Problem to work on:
Lines in which "SWGARM" appears should be pulled from the data below.

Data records
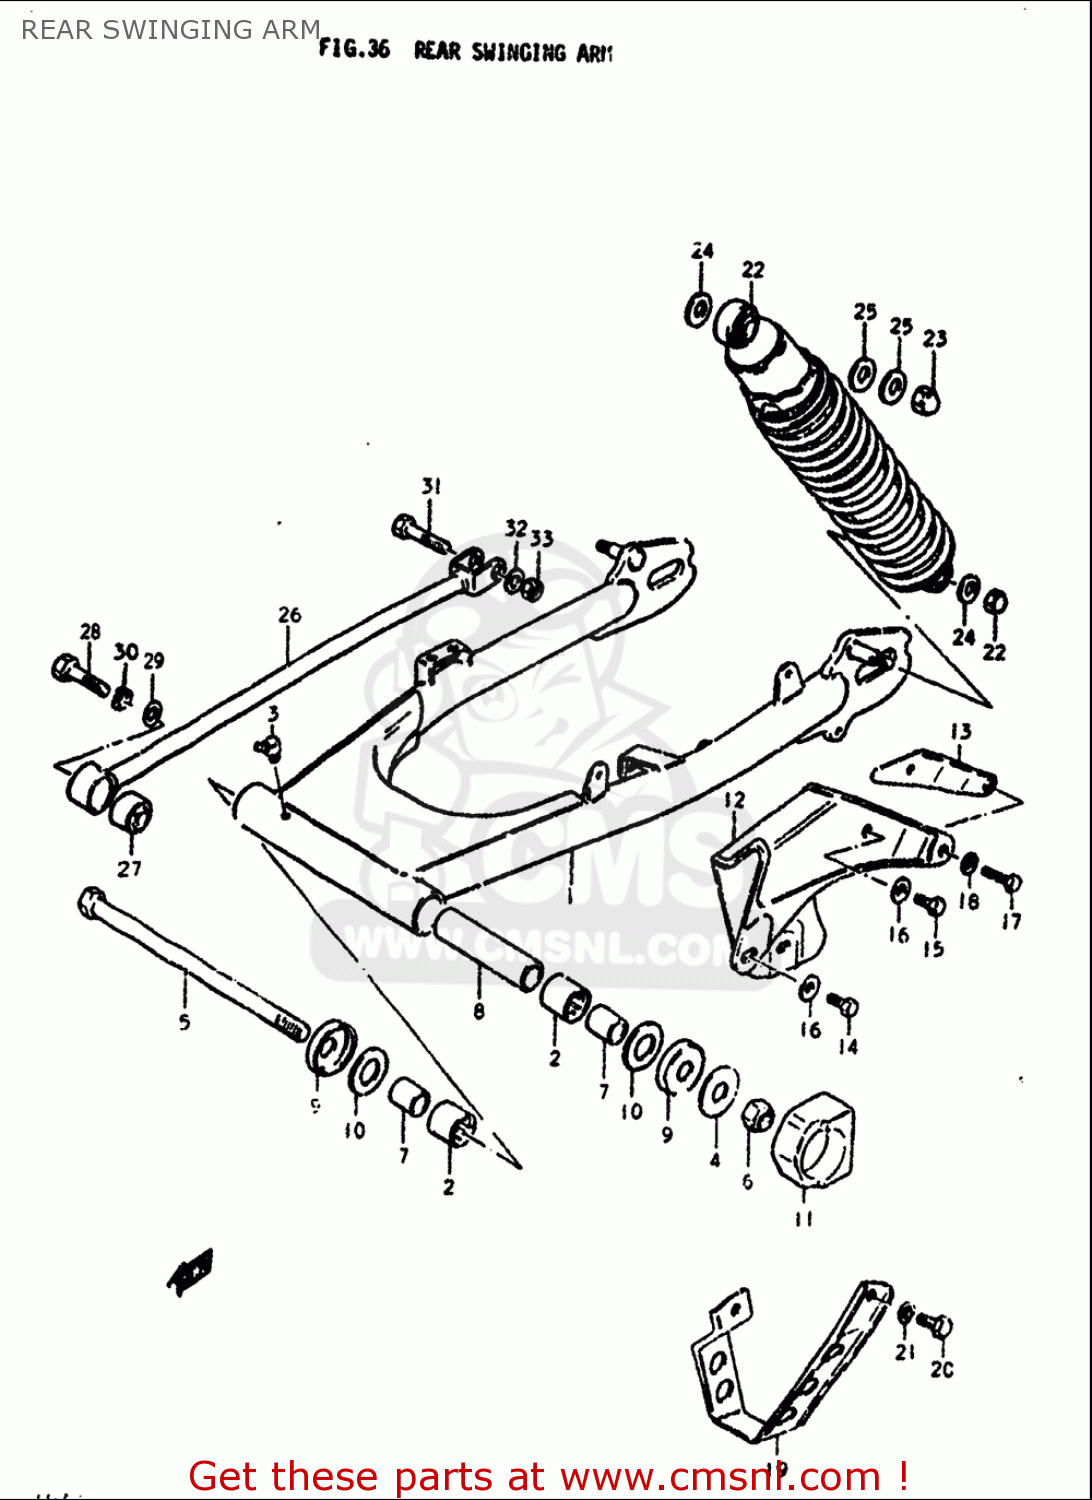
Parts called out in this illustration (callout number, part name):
2	BEARING(22X29X20)
3	NIPPLE,GREASE
5	SHAFT,REAR SWING ARM
6	NUT 14MM
7	SPACER,RR SWGARM PIVOT
8	SPACER (16.2X21.7X142)
9	COVER,RR SWGARM DUST SEAL
10	WASHER
11	BUFFER,CHAIN TOUCH DEFENSE
13	REINFORCEMENT,CHAIN CASE
14	BOLT
15	BOLT(6X8)
16	WASHER
17	BOLT
18	WASHER
20	BOLT
21	WASHER,LOCK
23	NUT
24	WASHER
25	WASHER (10.5X24X2.3)
27	BUSH
28	BOLT
29	WASHER
30	WASHER,LOCK
31	BOLT
32	WASHER
33	NUT

Solution for this task:
7	SPACER,RR SWGARM PIVOT
9	COVER,RR SWGARM DUST SEAL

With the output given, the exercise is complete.